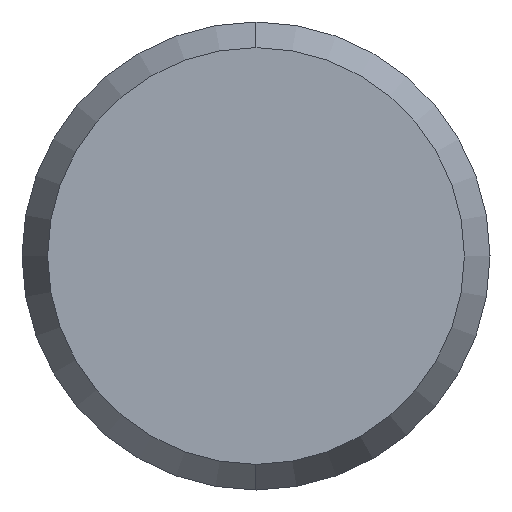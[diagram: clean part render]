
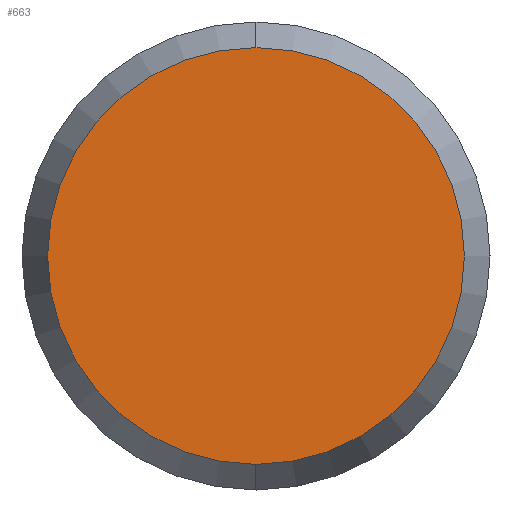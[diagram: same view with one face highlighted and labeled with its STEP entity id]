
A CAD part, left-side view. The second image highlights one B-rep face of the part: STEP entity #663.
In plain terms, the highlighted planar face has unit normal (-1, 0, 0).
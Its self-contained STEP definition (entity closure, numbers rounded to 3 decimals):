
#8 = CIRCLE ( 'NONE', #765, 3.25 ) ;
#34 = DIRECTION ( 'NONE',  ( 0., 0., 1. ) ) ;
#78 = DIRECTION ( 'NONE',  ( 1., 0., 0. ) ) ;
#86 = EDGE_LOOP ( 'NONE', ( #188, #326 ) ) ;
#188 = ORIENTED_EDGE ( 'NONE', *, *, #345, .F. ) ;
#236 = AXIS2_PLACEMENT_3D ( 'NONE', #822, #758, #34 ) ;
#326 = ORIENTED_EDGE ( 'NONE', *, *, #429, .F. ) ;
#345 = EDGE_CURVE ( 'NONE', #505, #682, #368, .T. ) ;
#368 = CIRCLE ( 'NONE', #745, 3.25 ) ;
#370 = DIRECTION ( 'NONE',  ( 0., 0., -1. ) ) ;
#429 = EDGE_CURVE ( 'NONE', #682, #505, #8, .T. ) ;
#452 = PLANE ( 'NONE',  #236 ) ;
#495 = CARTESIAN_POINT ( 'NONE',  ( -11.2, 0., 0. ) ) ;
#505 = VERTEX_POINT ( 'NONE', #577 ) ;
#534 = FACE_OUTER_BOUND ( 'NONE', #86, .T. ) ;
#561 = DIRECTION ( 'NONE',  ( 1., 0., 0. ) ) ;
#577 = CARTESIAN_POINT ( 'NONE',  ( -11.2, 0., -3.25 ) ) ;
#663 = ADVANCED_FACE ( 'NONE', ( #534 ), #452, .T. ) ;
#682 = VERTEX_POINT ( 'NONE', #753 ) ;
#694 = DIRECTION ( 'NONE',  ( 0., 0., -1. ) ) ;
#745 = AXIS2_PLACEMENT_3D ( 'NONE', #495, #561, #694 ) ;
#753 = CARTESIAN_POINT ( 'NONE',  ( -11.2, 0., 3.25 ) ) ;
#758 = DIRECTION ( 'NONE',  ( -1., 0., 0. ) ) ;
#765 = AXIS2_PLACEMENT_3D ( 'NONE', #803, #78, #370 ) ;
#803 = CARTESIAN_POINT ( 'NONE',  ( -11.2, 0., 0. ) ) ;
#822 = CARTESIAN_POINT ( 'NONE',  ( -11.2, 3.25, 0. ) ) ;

########################################

PROBLEM: Type out exactly the span of lines from the one with "#34 = DIRECTION" to the end of the material above, counting both end lines, and nothing else.

THE ANSWER:
#34 = DIRECTION ( 'NONE',  ( 0., 0., 1. ) ) ;
#78 = DIRECTION ( 'NONE',  ( 1., 0., 0. ) ) ;
#86 = EDGE_LOOP ( 'NONE', ( #188, #326 ) ) ;
#188 = ORIENTED_EDGE ( 'NONE', *, *, #345, .F. ) ;
#236 = AXIS2_PLACEMENT_3D ( 'NONE', #822, #758, #34 ) ;
#326 = ORIENTED_EDGE ( 'NONE', *, *, #429, .F. ) ;
#345 = EDGE_CURVE ( 'NONE', #505, #682, #368, .T. ) ;
#368 = CIRCLE ( 'NONE', #745, 3.25 ) ;
#370 = DIRECTION ( 'NONE',  ( 0., 0., -1. ) ) ;
#429 = EDGE_CURVE ( 'NONE', #682, #505, #8, .T. ) ;
#452 = PLANE ( 'NONE',  #236 ) ;
#495 = CARTESIAN_POINT ( 'NONE',  ( -11.2, 0., 0. ) ) ;
#505 = VERTEX_POINT ( 'NONE', #577 ) ;
#534 = FACE_OUTER_BOUND ( 'NONE', #86, .T. ) ;
#561 = DIRECTION ( 'NONE',  ( 1., 0., 0. ) ) ;
#577 = CARTESIAN_POINT ( 'NONE',  ( -11.2, 0., -3.25 ) ) ;
#663 = ADVANCED_FACE ( 'NONE', ( #534 ), #452, .T. ) ;
#682 = VERTEX_POINT ( 'NONE', #753 ) ;
#694 = DIRECTION ( 'NONE',  ( 0., 0., -1. ) ) ;
#745 = AXIS2_PLACEMENT_3D ( 'NONE', #495, #561, #694 ) ;
#753 = CARTESIAN_POINT ( 'NONE',  ( -11.2, 0., 3.25 ) ) ;
#758 = DIRECTION ( 'NONE',  ( -1., 0., 0. ) ) ;
#765 = AXIS2_PLACEMENT_3D ( 'NONE', #803, #78, #370 ) ;
#803 = CARTESIAN_POINT ( 'NONE',  ( -11.2, 0., 0. ) ) ;
#822 = CARTESIAN_POINT ( 'NONE',  ( -11.2, 3.25, 0. ) ) ;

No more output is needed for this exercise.